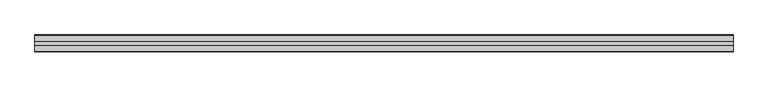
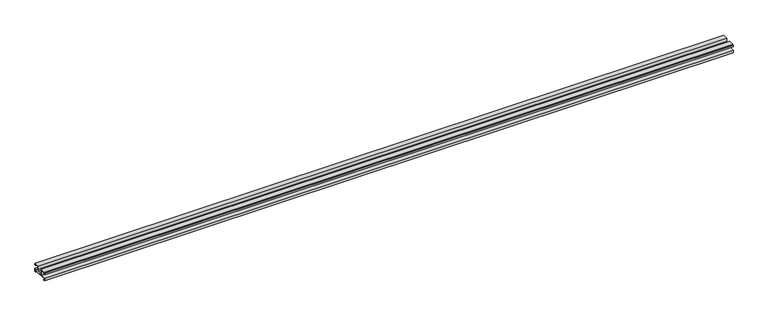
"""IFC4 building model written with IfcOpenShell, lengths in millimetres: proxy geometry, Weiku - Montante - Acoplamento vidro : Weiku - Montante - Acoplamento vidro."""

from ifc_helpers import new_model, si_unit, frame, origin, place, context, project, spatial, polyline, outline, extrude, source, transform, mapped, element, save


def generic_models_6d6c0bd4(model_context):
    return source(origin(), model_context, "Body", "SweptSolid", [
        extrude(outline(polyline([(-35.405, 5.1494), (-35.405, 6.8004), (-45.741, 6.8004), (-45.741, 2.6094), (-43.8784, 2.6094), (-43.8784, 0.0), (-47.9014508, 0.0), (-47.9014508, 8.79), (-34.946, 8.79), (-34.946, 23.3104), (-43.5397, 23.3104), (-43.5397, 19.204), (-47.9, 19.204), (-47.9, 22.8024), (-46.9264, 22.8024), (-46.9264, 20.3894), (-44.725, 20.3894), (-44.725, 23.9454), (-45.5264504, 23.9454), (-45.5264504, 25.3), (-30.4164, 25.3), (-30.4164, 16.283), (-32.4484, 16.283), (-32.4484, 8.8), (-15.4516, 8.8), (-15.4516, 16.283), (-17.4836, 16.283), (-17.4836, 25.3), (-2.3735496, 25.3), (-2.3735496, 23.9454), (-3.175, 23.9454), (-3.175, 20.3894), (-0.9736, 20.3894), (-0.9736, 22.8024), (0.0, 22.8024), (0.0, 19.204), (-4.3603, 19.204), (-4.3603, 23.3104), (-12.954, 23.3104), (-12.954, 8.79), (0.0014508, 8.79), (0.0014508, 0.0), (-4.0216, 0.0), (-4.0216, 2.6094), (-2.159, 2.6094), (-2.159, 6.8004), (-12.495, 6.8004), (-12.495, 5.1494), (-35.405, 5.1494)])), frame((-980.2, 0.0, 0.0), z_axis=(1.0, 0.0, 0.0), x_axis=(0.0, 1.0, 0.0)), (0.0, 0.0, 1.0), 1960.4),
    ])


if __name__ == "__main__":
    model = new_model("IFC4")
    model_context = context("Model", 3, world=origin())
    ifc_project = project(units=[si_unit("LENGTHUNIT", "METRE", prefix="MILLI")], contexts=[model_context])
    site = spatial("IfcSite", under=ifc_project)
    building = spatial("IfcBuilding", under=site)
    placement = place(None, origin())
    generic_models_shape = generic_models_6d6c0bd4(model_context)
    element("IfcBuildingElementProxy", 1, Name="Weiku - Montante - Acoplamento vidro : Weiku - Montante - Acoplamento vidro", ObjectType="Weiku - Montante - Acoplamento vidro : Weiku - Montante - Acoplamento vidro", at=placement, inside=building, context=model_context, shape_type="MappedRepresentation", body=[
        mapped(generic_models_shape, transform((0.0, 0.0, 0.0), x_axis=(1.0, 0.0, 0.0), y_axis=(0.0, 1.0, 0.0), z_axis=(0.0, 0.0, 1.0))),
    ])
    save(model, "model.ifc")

*****

■ **WORK REQUIRED**:
Each entry above is to be written out exactly. The pictures stay out.

■ **TASK RESULT**:
"""IFC4 building model written with IfcOpenShell, lengths in millimetres: proxy geometry, Weiku - Montante - Acoplamento vidro : Weiku - Montante - Acoplamento vidro."""

from ifc_helpers import new_model, si_unit, frame, origin, place, context, project, spatial, polyline, outline, extrude, source, transform, mapped, element, save


def generic_models_6d6c0bd4(model_context):
    return source(origin(), model_context, "Body", "SweptSolid", [
        extrude(outline(polyline([(-35.405, 5.1494), (-35.405, 6.8004), (-45.741, 6.8004), (-45.741, 2.6094), (-43.8784, 2.6094), (-43.8784, 0.0), (-47.9014508, 0.0), (-47.9014508, 8.79), (-34.946, 8.79), (-34.946, 23.3104), (-43.5397, 23.3104), (-43.5397, 19.204), (-47.9, 19.204), (-47.9, 22.8024), (-46.9264, 22.8024), (-46.9264, 20.3894), (-44.725, 20.3894), (-44.725, 23.9454), (-45.5264504, 23.9454), (-45.5264504, 25.3), (-30.4164, 25.3), (-30.4164, 16.283), (-32.4484, 16.283), (-32.4484, 8.8), (-15.4516, 8.8), (-15.4516, 16.283), (-17.4836, 16.283), (-17.4836, 25.3), (-2.3735496, 25.3), (-2.3735496, 23.9454), (-3.175, 23.9454), (-3.175, 20.3894), (-0.9736, 20.3894), (-0.9736, 22.8024), (0.0, 22.8024), (0.0, 19.204), (-4.3603, 19.204), (-4.3603, 23.3104), (-12.954, 23.3104), (-12.954, 8.79), (0.0014508, 8.79), (0.0014508, 0.0), (-4.0216, 0.0), (-4.0216, 2.6094), (-2.159, 2.6094), (-2.159, 6.8004), (-12.495, 6.8004), (-12.495, 5.1494), (-35.405, 5.1494)])), frame((-980.2, 0.0, 0.0), z_axis=(1.0, 0.0, 0.0), x_axis=(0.0, 1.0, 0.0)), (0.0, 0.0, 1.0), 1960.4),
    ])


if __name__ == "__main__":
    model = new_model("IFC4")
    model_context = context("Model", 3, world=origin())
    ifc_project = project(units=[si_unit("LENGTHUNIT", "METRE", prefix="MILLI")], contexts=[model_context])
    site = spatial("IfcSite", under=ifc_project)
    building = spatial("IfcBuilding", under=site)
    placement = place(None, origin())
    generic_models_shape = generic_models_6d6c0bd4(model_context)
    element("IfcBuildingElementProxy", 1, Name="Weiku - Montante - Acoplamento vidro : Weiku - Montante - Acoplamento vidro", ObjectType="Weiku - Montante - Acoplamento vidro : Weiku - Montante - Acoplamento vidro", at=placement, inside=building, context=model_context, shape_type="MappedRepresentation", body=[
        mapped(generic_models_shape, transform((0.0, 0.0, 0.0), x_axis=(1.0, 0.0, 0.0), y_axis=(0.0, 1.0, 0.0), z_axis=(0.0, 0.0, 1.0))),
    ])
    save(model, "model.ifc")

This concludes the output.